Ultrasound technology, a widely used non-invasive tool in medical diagnostics and other applications, has shifted from static to dynamic images, and from black-and-white presentation to color Doppler images. These important enhancements are largely due to the introduction of digital ultrasound technology. While these advances have increased the effectiveness and versatility of ultrasound imaging, it is equally important for these systems to offer improved image quality via advances in the head- end ultrasound probe, and the analog front-end (AFE) that drives the probe and captures the return signals. One of the impediments to achieving this improved image quality is noise, so the design goal is to increase the signal-to-noise ratio (SNR) of the system.

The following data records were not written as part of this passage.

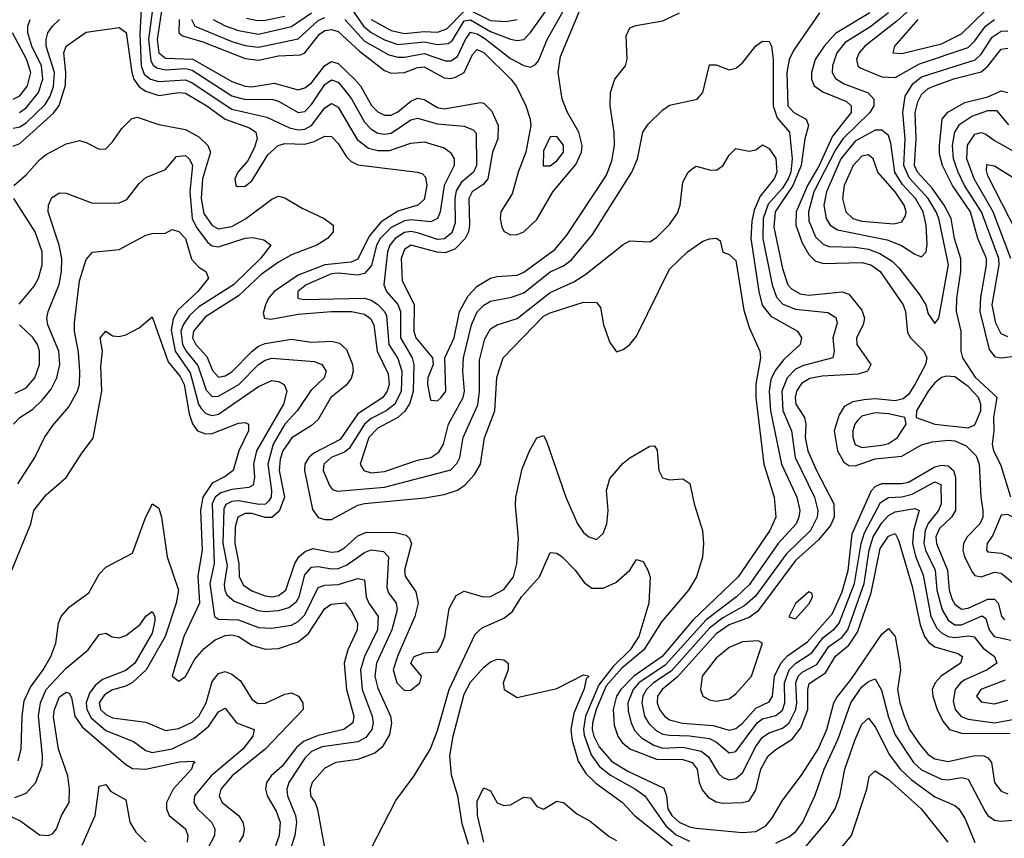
# Model space of a CAD drawing. Header units: inches. Extents: x 501365 to 657855, y 482276 to 547543.
# Tile 487 of 656: x 583970 to 586939, y 520902 to 523369. Entities that reach past the tile are written whole.
import ezdxf

# ---------------------------------------------------------------- set-up
doc = ezdxf.new("R2010")
doc.units = ezdxf.units.IN
doc.header["$MEASUREMENT"] = 0
doc.layers.add('A5582', color=7, linetype='Continuous')

msp = doc.modelspace()

# ---------------------------------------------------------------- linework, layer by layer
at = {"layer": 'A5582', "color": 5}
for points, elevation in [([(584379.2, 523470), (584358.7, 523310), (584365.5, 523245.5), (584372.3, 523232.3), (584383.8, 523223.8), (584410, 523218.5), (584470, 523222.4), (584490, 523217.5), (584610, 523139.8), (584651, 523129), (584730, 523130.3), (584750, 523123.8), (584810, 523089.5), (584830, 523092.5), (584850, 523113.8), (584890, 523174.5), (584910, 523188.4), (584930, 523180.8), (584950, 523158.3), (584971, 523131), (585010, 523060.1), (585030, 523039.4), (585050, 523027.8), (585070, 523024), (585090, 523027.2), (585150, 523067.2), (585170, 523073), (585230, 523055.1), (585310, 523048), (585337.5, 523037.5), (585347, 523027), (585347.4, 522930), (585338.8, 522910), (585301.4, 522878.6), (585286, 522854), (585282.2, 522830), (585282.9, 522757.1), (585272.9, 522727.1), (585251.2, 522708.8), (585230, 522706.5), (585170, 522727.3), (585150, 522731), (585130, 522727.7), (585102, 522710), (585086.6, 522690), (585079.5, 522670), (585068.5, 522570), (585076.5, 522550), (585110.4, 522510.4), (585118.3, 522490), (585118.1, 522410), (585153.9, 522350), (585159, 522330), (585156.3, 522250), (585146.1, 522213.9), (585131.2, 522188.8), (585109.9, 522170.1), (585050, 522137.9), (585023.4, 522110), (584996.4, 522030), (585008.2, 522010), (585030, 522003), (585070, 522007.2), (585170, 522041.3), (585210, 522049.2), (585234.1, 522065.9), (585247.7, 522090), (585263.6, 522150), (585307.5, 522230), (585311.1, 522250), (585305.9, 522310), (585308, 522350), (585332.2, 522450), (585350, 522489.1), (585370, 522509.2), (585390, 522520.7), (585453.1, 522533.1), (585490, 522545.9), (585570, 522609.8), (585610, 522627.3), (585634.6, 522645.4), (585697.8, 522722.2), (585816.5, 522910), (585833.2, 522950), (585849.2, 523030), (585865.2, 523054.8), (585910, 523098), (585930, 523111.5), (586013.3, 523130), (586029.8, 523150.2), (586050, 523232.9), (586070, 523233), (586110, 523218.4), (586130, 523223.6), (586150, 523239.5), (586190, 523290.2), (586210, 523304.4), (586230, 523303.7), (586237.1, 523290), (586241.9, 523250), (586241.9, 523110), (586253.9, 523073.9), (586291.9, 523030), (586299.1, 522950), (586295.5, 522910), (586287.9, 522890), (586270, 522861.9), (586226.7, 522813.3), (586212.2, 522770), (586211.4, 522710), (586238.8, 522570), (586252.6, 522532.6), (586271.7, 522511.6), (586310, 522496.9), (586406.7, 522486.7), (586431.7, 522471.7), (586434.9, 522454.9), (586422.1, 522410), (586425.8, 522370), (586422.2, 522350), (586333.3, 522326.7), (586310, 522315.5), (586284.8, 522290), (586268.5, 522250), (586271.4, 522191.4), (586297.6, 522130), (586308.3, 522050), (586367.1, 521930), (586377.1, 521890), (586375.3, 521870), (586354.6, 521830), (586281.4, 521758.6), (586188.8, 521631.2), (586156.7, 521603.3), (586090, 521566), (586050, 521534.7), (585934.8, 521405.2), (585881.3, 521370), (585859.9, 521350), (585849.6, 521330), (585845.8, 521310), (585854.4, 521270), (585867.8, 521247.8), (585890, 521226.1), (585910, 521215.7), (585930, 521212.1), (585990, 521210.2), (586050, 521202.2), (586071.2, 521191.2), (586110, 521159.5), (586130, 521163.6), (586194.3, 521250), (586210, 521261.5), (586250, 521271.7), (586270, 521288.1), (586277.7, 521310), (586276.6, 521370), (586290.5, 521409.5), (586310.3, 521429.7), (586359.1, 521460.9), (586393, 521507), (586427.2, 521532.8), (586441.5, 521550), (586487.8, 521670), (586507.8, 521790), (586517.4, 521822.6), (586565.7, 521914.3), (586590, 521929.3), (586630, 521931), (586661.2, 521938.8), (586730, 521975.8), (586748.4, 521968.4), (586749.3, 521910), (586741.3, 521890), (586709.8, 521850.2), (586700.4, 521830), (586696.7, 521790), (586702, 521770), (586731, 521710), (586735.9, 521650), (586751.6, 521590), (586770, 521559.6), (586790, 521545.4), (586810, 521544.8), (586872.6, 521572.6), (586884, 521564), (586893.6, 521530), (586908.6, 521510), (586958.7, 521498.7)], 2260), ([(586709.2, 523450), (586615.4, 523364.6), (586519.2, 523290), (586501.7, 523270), (586493.9, 523250), (586497.5, 523230), (586504.7, 523224.7), (586570, 523197.4), (586610, 523194.8), (586683.6, 523236.4), (586830, 523285.7), (586850, 523305.2), (586882.7, 523350), (586910, 523370)], 2360), ([(584337.2, 523417.2), (584332, 523328), (584336.4, 523230), (584345.2, 523205.2), (584364.7, 523190), (584390, 523183.3), (584470, 523187.7), (584490, 523179.1), (584610, 523100), (584715.8, 523075.8), (584783.9, 523043.9), (584810, 523037.3), (584830, 523039.2), (584850, 523050.9), (584890, 523103.4), (584910, 523116.5), (584930, 523106.1), (584988.2, 523008.2), (585022.2, 522982.2), (585050, 522974.6), (585084.8, 522975.2), (585150, 522996.9), (585190, 523001.7), (585250, 522982.7), (585269.4, 522969.4), (585280.1, 522950), (585279.9, 522930), (585250, 522870), (585238.1, 522790), (585230, 522769.9), (585210, 522760.1), (585150, 522766.2), (585130, 522763.4), (585090, 522743.4), (585057, 522710), (585046.3, 522690), (585031.3, 522628.6), (585010, 522604.2), (584990, 522599.3), (584930, 522605.7), (584910, 522602.9), (584833.5, 522570), (584808.8, 522550), (584809.2, 522530), (584825.7, 522525.7), (585010, 522530.1), (585030, 522524), (585050, 522510.6), (585070.2, 522490.2), (585076.5, 522476.5), (585083.5, 522390), (585110, 522348.3), (585122.9, 522310), (585120.4, 522250), (585101.3, 522210), (585075.2, 522190), (585030, 522166.9), (585010, 522150), (584963.6, 522076.4), (584950, 522065.8), (584909.7, 522050), (584887.1, 522030), (584885, 522010), (584904.8, 521964.8), (584913.6, 521953.6), (584928, 521948), (585070, 521960), (585270, 522012.8), (585288.7, 522031.3), (585297.2, 522050), (585307, 522110), (585351.5, 522208.5), (585356.5, 522250), (585357, 522343), (585372.9, 522407.1), (585390, 522437.1), (585410, 522449.7), (585470, 522468.9), (585570, 522547.5), (585640.9, 522579.1), (585677.8, 522602.2), (585790, 522692), (585810, 522702.4), (585870, 522700.2), (585890, 522713), (585930, 522752.5), (585953.6, 522786.4), (585961.4, 522810), (585970, 522879.3), (585986.4, 522910), (585999, 522921), (586010, 522927.8), (586050, 522916.6), (586070, 522916.3), (586090.7, 522929.3), (586110, 522961.3), (586130, 522980.7), (586170, 522973.2), (586190, 522977.4), (586210, 522991.7), (586230, 522980.9), (586250, 522951.4), (586253.3, 522910), (586245.6, 522890), (586203, 522837), (586184.9, 522795.1), (586178, 522762), (586175.2, 522710), (586198.7, 522550), (586209.1, 522509.1), (586235.4, 522475.4), (586315.8, 522430), (586327.5, 522410), (586323.7, 522390), (586274.5, 522345.5), (586248.4, 522311.6), (586235.7, 522284.3), (586229.8, 522250), (586234.4, 522190), (586267.8, 522030), (586313.8, 521930), (586322.5, 521890), (586319.9, 521870), (586311.3, 521850), (586257.1, 521790), (586170, 521666), (586131.5, 521630), (586040, 521560), (585916.4, 521423.6), (585837.2, 521370), (585820.4, 521350), (585804, 521310), (585804.8, 521284.8), (585813.6, 521250), (585825.4, 521225.4), (585844.9, 521204.9), (585882.2, 521182.2), (585910, 521173.8), (585970, 521176.8), (586024.7, 521164.7), (586047.7, 521147.7), (586077.3, 521097.3), (586090, 521085.1), (586110, 521077.7), (586130, 521081.7), (586150, 521098.5), (586190, 521178.7), (586210, 521206.3), (586230, 521219.9), (586270, 521233.5), (586290.5, 521249.5), (586310.5, 521290), (586314.1, 521310), (586310.5, 521370), (586317.8, 521390), (586330, 521402.9), (586374.2, 521425.8), (586410, 521479.8), (586450, 521508.3), (586467.5, 521530), (586516.6, 521670), (586532.2, 521770), (586544.3, 521810), (586570, 521852.7), (586590, 521874.3), (586610, 521886.2), (586670, 521896.3), (586682.9, 521890), (586665.1, 521830), (586662.1, 521790), (586671.8, 521751.8), (586694.4, 521694.4), (586718.2, 521570), (586735.6, 521535.6), (586750, 521521.1), (586770.2, 521510.2), (586790, 521506.8), (586831.8, 521511.8), (586848.5, 521508.5), (586875.3, 521475.3), (586910.1, 521450), (586916.4, 521430), (586887.5, 521410), (586820.5, 521379.5), (586806.8, 521370), (586791.4, 521350), (586785.2, 521314.8), (586790.7, 521290), (586808.9, 521268.9), (586830, 521261.2), (586910, 521250), (586970, 521260.5)], 2240), ([(584399.8, 523410), (584384.5, 523310), (584390, 523270), (584410, 523253.3), (584492.4, 523250), (584610, 523183.5), (584650, 523168.6), (584670, 523167.5), (584737.9, 523177.9), (584810, 523158.4), (584830, 523163.8), (584850, 523178.8), (584890, 523231.7), (584910, 523243.8), (584930, 523237.2), (584979.9, 523190), (584997.4, 523170), (585031.1, 523111.1), (585050, 523092.1), (585070, 523081.9), (585090, 523081.8), (585110, 523092), (585150, 523124.3), (585170, 523133.1), (585190, 523128.6), (585230, 523104.3), (585250, 523100.6), (585359.3, 523119.3), (585370, 523117.3), (585393.8, 523093.8), (585412.6, 523050), (585411.8, 523010), (585396.3, 522970), (585381.9, 522890), (585367.8, 522872.2), (585334.4, 522850), (585324.2, 522830), (585326.9, 522750), (585323.4, 522730), (585313.6, 522710), (585282.4, 522677.6), (585253.2, 522666.8), (585228.6, 522668.6), (585150, 522689.6), (585130, 522676.7), (585120.2, 522650), (585123.4, 522583.4), (585159.8, 522510), (585158.2, 522430), (585164.2, 522410), (585214.8, 522350), (585216.6, 522330), (585200.8, 522290), (585199.5, 522270), (585207.5, 522227.5), (585210, 522222.8), (585221.2, 522221.2), (585230, 522220.8), (585241, 522230), (585254.8, 522250), (585252.1, 522350), (585280.2, 522410), (585295.9, 522490), (585322.9, 522537.2), (585350, 522566.1), (585390, 522590.1), (585410, 522595.4), (585470, 522599.1), (585490, 522608), (585583.6, 522676.4), (585620.4, 522719.6), (585739.3, 522900.7), (585756.2, 522943.8), (585763.6, 522990), (585762.6, 523030), (585751.2, 523110), (585751.6, 523150), (585765, 523190), (585797.2, 523230), (585802.3, 523250), (585798.9, 523321.1), (585810, 523344.4), (585828, 523352), (585910, 523366), (585959.7, 523390)], 2280), ([(584950.4, 523370.4), (585010, 523305), (585083.3, 523263.3), (585110, 523256), (585130, 523256.1), (585190, 523267.7), (585254.4, 523245.6), (585270, 523245.4), (585290, 523258.7), (585314, 523310), (585330, 523331.8), (585350, 523327), (585372.3, 523312.3), (585450, 523252.1), (585490, 523231.5), (585510, 523226.7), (585525.7, 523234.3), (585534.2, 523245.8), (585560.6, 523310), (585621.6, 523418.4)], 2340), ([(584970, 523404), (585007.2, 523350), (585030, 523330.6), (585070, 523308.9), (585110, 523294.6), (585190, 523302.8), (585230, 523295.1), (585262.3, 523297.7), (585274.2, 523305.8), (585310, 523365.5), (585330, 523369.2), (585390, 523334.3), (585450, 523310.6), (585470, 523306.3), (585490, 523310.1), (585510, 523331), (585580.9, 523430)], 2360), ([(584450.9, 523370), (584450.3, 523330.3), (584460.8, 523320.8), (584522.3, 523302.3), (584650, 523252.6), (584690, 523247.9), (584750, 523260.5), (584816.5, 523263.5), (584830.1, 523269.9), (584874.6, 523325.4), (584890, 523336.6), (584910, 523339.9), (584930, 523333.4), (584994.6, 523274.6), (585070, 523216.5), (585090, 523207.9), (585130, 523210.5), (585170, 523225.7), (585190, 523226.9), (585250, 523194.3), (585270, 523191.9), (585284.3, 523195.7), (585310, 523210.4), (585335.7, 523264.3), (585350, 523279.2), (585370, 523270.3), (585450.8, 523190), (585468.5, 523168.5), (585496.4, 523110), (585509.8, 523070), (585511.5, 523050), (585496.6, 522970), (585473.3, 522910), (585455.6, 522844.4), (585421, 522790), (585418.8, 522770), (585424, 522744), (585430.6, 522730.6), (585450, 522720.9), (585470, 522722.1), (585490, 522729.8), (585530, 522766.9), (585578.1, 522850), (585647.3, 522932.7), (585664.5, 522970), (585666.1, 522990), (585656.6, 523030), (585622.3, 523090), (585605.6, 523130), (585594.2, 523210), (585601.4, 523258.6), (585660.1, 523399.9)], 2320), ([(584553.9, 523370), (584590, 523350.5), (584630, 523336.7), (584690, 523326.2), (584790, 523349), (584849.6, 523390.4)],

This can be achieved in part by addressing noise due to the various power supply rails in the system. Note that such noise is not a single, simple entity. Instead, it has various characteristics and attributes which determine how it ultimately impacts system performance. This article will look at the basic principle of ultrasound imaging, and then focus on different factors that affect image quality, primarily noise from the power supplies. It will use DC-DC regulator devices from Analog Devices as examples of power supply components that can greatly improve SNR and other
aspects of ultrasound system performance.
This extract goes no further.